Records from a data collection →
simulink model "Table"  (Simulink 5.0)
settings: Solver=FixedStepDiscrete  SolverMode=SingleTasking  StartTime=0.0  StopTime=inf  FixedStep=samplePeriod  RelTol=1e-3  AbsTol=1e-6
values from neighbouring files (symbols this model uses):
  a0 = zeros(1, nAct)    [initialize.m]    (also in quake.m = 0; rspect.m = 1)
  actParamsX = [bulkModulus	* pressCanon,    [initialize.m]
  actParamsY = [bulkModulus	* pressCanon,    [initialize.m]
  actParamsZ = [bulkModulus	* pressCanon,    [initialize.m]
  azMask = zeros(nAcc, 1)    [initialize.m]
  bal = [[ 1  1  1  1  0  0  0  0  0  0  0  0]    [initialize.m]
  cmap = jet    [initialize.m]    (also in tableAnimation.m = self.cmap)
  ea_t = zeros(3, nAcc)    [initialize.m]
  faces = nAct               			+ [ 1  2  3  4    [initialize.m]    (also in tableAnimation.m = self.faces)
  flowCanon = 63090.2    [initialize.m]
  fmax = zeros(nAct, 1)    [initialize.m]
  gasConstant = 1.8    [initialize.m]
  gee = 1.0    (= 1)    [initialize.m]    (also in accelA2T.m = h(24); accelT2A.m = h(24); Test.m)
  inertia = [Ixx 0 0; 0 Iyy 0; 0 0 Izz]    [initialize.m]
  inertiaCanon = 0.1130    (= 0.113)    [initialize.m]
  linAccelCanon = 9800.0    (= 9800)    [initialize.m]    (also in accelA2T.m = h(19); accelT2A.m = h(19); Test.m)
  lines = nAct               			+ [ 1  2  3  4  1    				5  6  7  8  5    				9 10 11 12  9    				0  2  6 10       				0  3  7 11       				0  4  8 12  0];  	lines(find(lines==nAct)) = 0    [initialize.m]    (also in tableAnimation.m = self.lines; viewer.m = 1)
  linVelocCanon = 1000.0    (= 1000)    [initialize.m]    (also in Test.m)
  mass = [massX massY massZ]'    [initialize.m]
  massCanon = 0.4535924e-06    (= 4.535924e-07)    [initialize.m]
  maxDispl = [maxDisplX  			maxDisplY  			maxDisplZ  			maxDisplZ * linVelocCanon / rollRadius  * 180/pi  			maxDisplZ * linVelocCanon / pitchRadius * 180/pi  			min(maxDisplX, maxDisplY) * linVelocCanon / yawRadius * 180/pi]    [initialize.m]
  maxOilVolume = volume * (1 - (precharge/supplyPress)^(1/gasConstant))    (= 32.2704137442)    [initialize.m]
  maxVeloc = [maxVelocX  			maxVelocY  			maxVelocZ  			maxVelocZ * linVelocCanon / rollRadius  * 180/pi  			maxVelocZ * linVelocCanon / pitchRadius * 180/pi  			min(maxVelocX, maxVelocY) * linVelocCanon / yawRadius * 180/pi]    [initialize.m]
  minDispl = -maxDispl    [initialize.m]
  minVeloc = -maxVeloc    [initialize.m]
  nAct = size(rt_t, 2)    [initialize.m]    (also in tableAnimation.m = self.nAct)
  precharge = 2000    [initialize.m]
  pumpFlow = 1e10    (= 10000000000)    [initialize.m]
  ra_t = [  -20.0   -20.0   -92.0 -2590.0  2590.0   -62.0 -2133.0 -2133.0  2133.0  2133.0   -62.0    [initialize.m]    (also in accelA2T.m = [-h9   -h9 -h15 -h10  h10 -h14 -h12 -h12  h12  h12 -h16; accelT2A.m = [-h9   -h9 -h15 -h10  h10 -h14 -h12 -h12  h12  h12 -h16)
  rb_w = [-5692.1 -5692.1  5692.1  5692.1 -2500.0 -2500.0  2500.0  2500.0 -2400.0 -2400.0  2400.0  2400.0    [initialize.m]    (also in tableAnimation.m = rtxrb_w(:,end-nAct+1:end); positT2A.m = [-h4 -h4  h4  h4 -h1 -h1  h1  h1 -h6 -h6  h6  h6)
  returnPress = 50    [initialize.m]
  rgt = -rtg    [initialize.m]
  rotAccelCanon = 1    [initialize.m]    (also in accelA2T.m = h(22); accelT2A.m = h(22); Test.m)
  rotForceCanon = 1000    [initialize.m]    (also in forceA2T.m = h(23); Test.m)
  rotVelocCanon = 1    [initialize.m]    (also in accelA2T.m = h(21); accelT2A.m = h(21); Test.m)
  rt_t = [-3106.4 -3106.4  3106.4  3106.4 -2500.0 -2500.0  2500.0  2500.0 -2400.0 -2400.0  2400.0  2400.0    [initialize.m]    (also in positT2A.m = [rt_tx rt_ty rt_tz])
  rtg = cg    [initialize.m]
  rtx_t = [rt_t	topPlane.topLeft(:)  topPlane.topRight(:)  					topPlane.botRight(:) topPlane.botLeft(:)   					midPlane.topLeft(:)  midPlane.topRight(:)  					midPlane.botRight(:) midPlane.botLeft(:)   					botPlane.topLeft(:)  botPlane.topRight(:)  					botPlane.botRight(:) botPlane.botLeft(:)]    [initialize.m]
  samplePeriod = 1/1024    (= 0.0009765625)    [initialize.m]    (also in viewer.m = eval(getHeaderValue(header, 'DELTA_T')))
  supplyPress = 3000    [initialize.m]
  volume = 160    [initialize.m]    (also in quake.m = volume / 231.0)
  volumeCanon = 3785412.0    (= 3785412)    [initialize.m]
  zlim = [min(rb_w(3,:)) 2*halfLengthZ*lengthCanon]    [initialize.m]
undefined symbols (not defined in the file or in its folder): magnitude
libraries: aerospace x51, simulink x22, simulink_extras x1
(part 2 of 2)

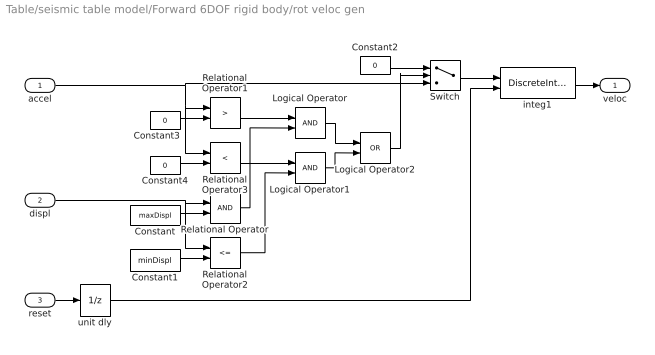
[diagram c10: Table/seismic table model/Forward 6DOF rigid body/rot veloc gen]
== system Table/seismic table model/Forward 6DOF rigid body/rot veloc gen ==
  accel : Inport
  displ : Inport  Port=2
  reset : Inport  Port=3
  Constant : Constant  Value=maxDispl
  Constant1 : Constant  Value=minDispl
  Constant2 : Constant  Value=0
  Constant3 : Constant  Value=0
  Constant4 : Constant  Value=0
  Logical Operator : Logic
  Logical Operator1 : Logic
  Logical Operator2 : Logic  Operator=OR
  Relational Operator : RelationalOperator
  Relational Operator1 : RelationalOperator  Operator=>
  Relational Operator2 : RelationalOperator  Operator=<=
  Relational Operator3 : RelationalOperator  Operator=<
  Switch : Switch  Threshold=0.5
  integ1 : DiscreteIntegrator  ExternalReset=either  LimitOutput=on  UpperSaturationLimit=maxVeloc  LowerSaturationLimit=minVeloc  SampleTime=-1
  unit dly : UnitDelay  SampleTime=-1
  veloc : Outport
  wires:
  reset/1 -> unit dly/1
  displ/1 -> Relational Operator2/1, Relational Operator/1
  Logical Operator1/1 -> Logical Operator2/2
  unit dly/1 -> integ1/2
  Switch/1 -> integ1/1
  Logical Operator2/1 -> Switch/2
  Constant2/1 -> Switch/1
  Logical Operator/1 -> Logical Operator2/1
  Relational Operator3/1 -> Logical Operator1/1
  Constant4/1 -> Relational Operator3/2
  Relational Operator1/1 -> Logical Operator/1
  Constant3/1 -> Relational Operator1/2
  accel/1 -> Switch/3, Relational Operator1/1, Relational Operator3/1
  Constant1/1 -> Relational Operator2/2
  Relational Operator2/1 -> Logical Operator1/2
  Relational Operator/1 -> Logical Operator/2
  Constant/1 -> Relational Operator/2
  integ1/1 -> veloc/1

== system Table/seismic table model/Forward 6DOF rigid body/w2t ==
  rpw : Inport
  11 : Fcn  Expr=cos(u[3])*cos(u[2])-sin(u[3])*sin(u[1])*sin(u[2])
  12 : Fcn  Expr=sin(u[3])*cos(u[2])+cos(u[3])*sin(u[1])*sin(u[2])
  13 : Fcn  Expr=-cos(u[1])*sin(u[2])
  21 : Fcn  Expr=-sin(u[3])*cos(u[1])
  22 : Fcn  Expr=cos(u[3])*cos(u[1])
  23 : Fcn
  31 : Fcn  Expr=cos(u[3])*sin(u[2])+sin(u[3])*sin(u[1])*cos(u[2])
  32 : Fcn  Expr=sin(u[3])*sin(u[2])-cos(u[3])*sin(u[1])*cos(u[2])
  33 : Fcn  Expr=cos(u[1])*cos(u[2])
  9x1->3x3 : simulink/Math Operations/Reshape  OutputDimensionality=Customize  OutputDimensions=[3,3]
  Mux2 : Mux  Orientation=down  Inputs=9
  DCM : Outport
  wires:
  9x1->3x3/1 -> DCM/1
  11/1 -> Mux2/1
  21/1 -> Mux2/2
  31/1 -> Mux2/3
  rpw/1 -> 31/1, 21/1, 11/1, 32/1, 22/1, 12/1, 33/1, 23/1, 13/1
  12/1 -> Mux2/4
  22/1 -> Mux2/5
  32/1 -> Mux2/6
  Mux2/1 -> 9x1->3x3/1
  13/1 -> Mux2/7
  23/1 -> Mux2/8
  33/1 -> Mux2/9

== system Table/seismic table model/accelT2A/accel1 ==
  linacc : Inport
  rotacc : Inport  Port=2
  rotvel : Inport  Port=3
  Sum : Sum  Inputs=+++
  crossprod1 : aerospace/Axes Transformations/3x3 cross product
  crossprod2 : aerospace/Axes Transformations/3x3 cross product
  crossprod3 : aerospace/Axes Transformations/3x3 cross product
  dotprod : simulink/Math Operations/Dot Product
  orient : Constant  Value=ea_t(:,id)
  ra_t : Constant  Value=ra_t(:,id)
  out : Outport
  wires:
  orient/1 -> dotprod/2
  dotprod/1 -> out/1
  linacc/1 -> Sum/1
  Sum/1 -> dotprod/1
  rotacc/1 -> crossprod1/1
  ra_t/1 -> crossprod1/2, crossprod2/2
  crossprod1/1 -> Sum/2
  rotvel/1 -> crossprod2/1, crossprod3/1
  crossprod3/1 -> Sum/3
  crossprod2/1 -> crossprod3/2

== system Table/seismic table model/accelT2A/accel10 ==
  linacc : Inport
  rotacc : Inport  Port=2
  rotvel : Inport  Port=3
  Sum : Sum  Inputs=+++
  crossprod1 : aerospace/Axes Transformations/3x3 cross product
  crossprod2 : aerospace/Axes Transformations/3x3 cross product
  crossprod3 : aerospace/Axes Transformations/3x3 cross product
  dotprod : simulink/Math Operations/Dot Product
  orient : Constant  Value=ea_t(:,id)
  ra_t : Constant  Value=ra_t(:,id)
  out : Outport
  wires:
  crossprod2/1 -> crossprod3/2
  crossprod3/1 -> Sum/3
  rotvel/1 -> crossprod3/1, crossprod2/1
  crossprod1/1 -> Sum/2
  ra_t/1 -> crossprod2/2, crossprod1/2
  rotacc/1 -> crossprod1/1
  Sum/1 -> dotprod/1
  linacc/1 -> Sum/1
  dotprod/1 -> out/1
  orient/1 -> dotprod/2

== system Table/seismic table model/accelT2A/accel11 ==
  linacc : Inport
  rotacc : Inport  Port=2
  rotvel : Inport  Port=3
  Sum : Sum  Inputs=+++
  crossprod1 : aerospace/Axes Transformations/3x3 cross product
  crossprod2 : aerospace/Axes Transformations/3x3 cross product
  crossprod3 : aerospace/Axes Transformations/3x3 cross product
  dotprod : simulink/Math Operations/Dot Product
  orient : Constant  Value=ea_t(:,id)
  ra_t : Constant  Value=ra_t(:,id)
  out : Outport
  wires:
  orient/1 -> dotprod/2
  dotprod/1 -> out/1
  linacc/1 -> Sum/1
  Sum/1 -> dotprod/1
  rotacc/1 -> crossprod1/1
  ra_t/1 -> crossprod1/2, crossprod2/2
  crossprod1/1 -> Sum/2
  rotvel/1 -> crossprod2/1, crossprod3/1
  crossprod3/1 -> Sum/3
  crossprod2/1 -> crossprod3/2

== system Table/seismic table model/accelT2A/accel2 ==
  linacc : Inport
  rotacc : Inport  Port=2
  rotvel : Inport  Port=3
  Sum : Sum  Inputs=+++
  crossprod1 : aerospace/Axes Transformations/3x3 cross product
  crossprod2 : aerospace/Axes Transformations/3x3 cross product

AIM OF THE TASK →
One inclusive range is required: first line of the data through the line containing "linAccelCanon = 9800.0". Set it down exactly and output nothing else.

OUTPUT OF THE EXERCISE →
simulink model "Table"  (Simulink 5.0)
settings: Solver=FixedStepDiscrete  SolverMode=SingleTasking  StartTime=0.0  StopTime=inf  FixedStep=samplePeriod  RelTol=1e-3  AbsTol=1e-6
values from neighbouring files (symbols this model uses):
  a0 = zeros(1, nAct)    [initialize.m]    (also in quake.m = 0; rspect.m = 1)
  actParamsX = [bulkModulus	* pressCanon,    [initialize.m]
  actParamsY = [bulkModulus	* pressCanon,    [initialize.m]
  actParamsZ = [bulkModulus	* pressCanon,    [initialize.m]
  azMask = zeros(nAcc, 1)    [initialize.m]
  bal = [[ 1  1  1  1  0  0  0  0  0  0  0  0]    [initialize.m]
  cmap = jet    [initialize.m]    (also in tableAnimation.m = self.cmap)
  ea_t = zeros(3, nAcc)    [initialize.m]
  faces = nAct               			+ [ 1  2  3  4    [initialize.m]    (also in tableAnimation.m = self.faces)
  flowCanon = 63090.2    [initialize.m]
  fmax = zeros(nAct, 1)    [initialize.m]
  gasConstant = 1.8    [initialize.m]
  gee = 1.0    (= 1)    [initialize.m]    (also in accelA2T.m = h(24); accelT2A.m = h(24); Test.m)
  inertia = [Ixx 0 0; 0 Iyy 0; 0 0 Izz]    [initialize.m]
  inertiaCanon = 0.1130    (= 0.113)    [initialize.m]
  linAccelCanon = 9800.0    (= 9800)    [initialize.m]    (also in accelA2T.m = h(19); accelT2A.m = h(19); Test.m)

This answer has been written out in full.